» PROBLEM STATEMENT
Would you reproduce each of the records below precisely, with the pictures left out?

» EXTRACTED RECORDS
╭──
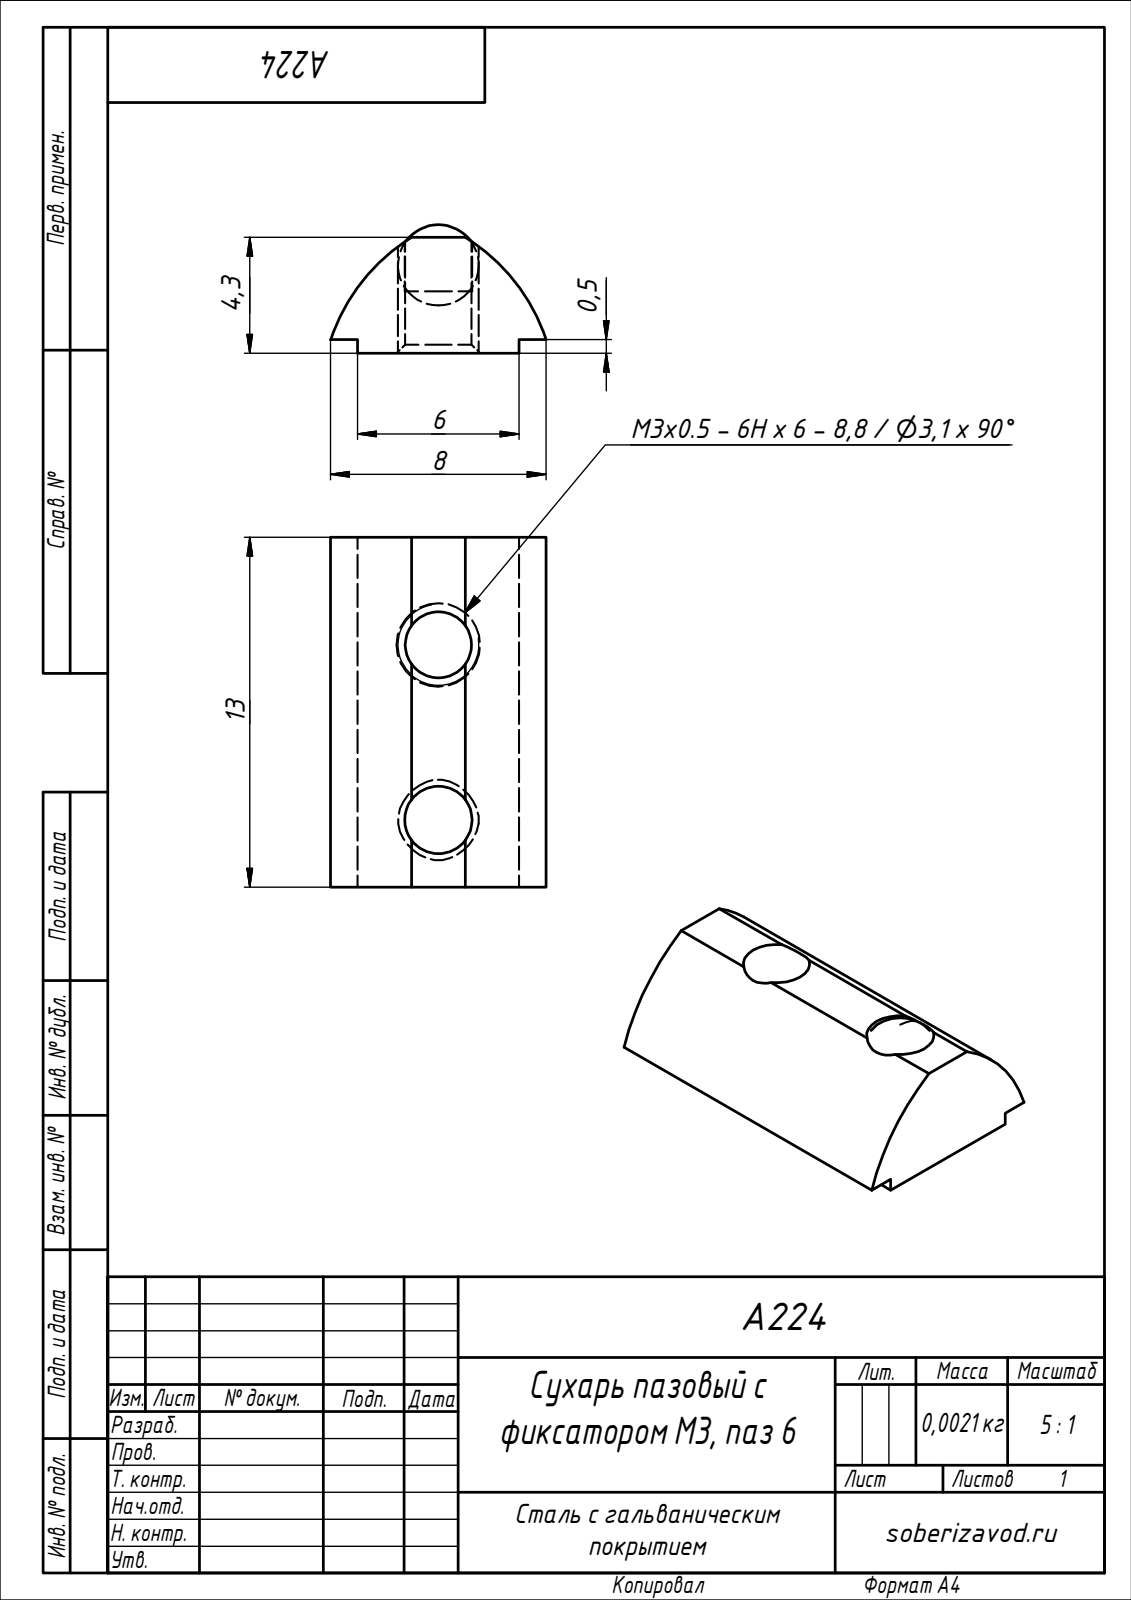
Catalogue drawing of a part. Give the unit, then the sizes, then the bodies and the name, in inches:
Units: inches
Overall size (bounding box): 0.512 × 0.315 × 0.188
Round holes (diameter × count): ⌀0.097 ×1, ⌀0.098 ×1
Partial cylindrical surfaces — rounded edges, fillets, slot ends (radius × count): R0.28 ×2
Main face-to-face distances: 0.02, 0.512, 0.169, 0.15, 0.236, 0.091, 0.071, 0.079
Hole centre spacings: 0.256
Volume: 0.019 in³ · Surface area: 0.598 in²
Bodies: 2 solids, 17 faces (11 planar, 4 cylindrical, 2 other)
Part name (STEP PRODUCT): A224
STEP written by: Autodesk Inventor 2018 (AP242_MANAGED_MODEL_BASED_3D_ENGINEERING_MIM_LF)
╰──
» REPLY TO THE TASK
Catalogue drawing of a part. Give the unit, then the sizes, then the bodies and the name, in inches:
Units: inches
Overall size (bounding box): 0.512 × 0.315 × 0.188
Round holes (diameter × count): ⌀0.097 ×1, ⌀0.098 ×1
Partial cylindrical surfaces — rounded edges, fillets, slot ends (radius × count): R0.28 ×2
Main face-to-face distances: 0.02, 0.512, 0.169, 0.15, 0.236, 0.091, 0.071, 0.079
Hole centre spacings: 0.256
Volume: 0.019 in³ · Surface area: 0.598 in²
Bodies: 2 solids, 17 faces (11 planar, 4 cylindrical, 2 other)
Part name (STEP PRODUCT): A224
STEP written by: Autodesk Inventor 2018 (AP242_MANAGED_MODEL_BASED_3D_ENGINEERING_MIM_LF)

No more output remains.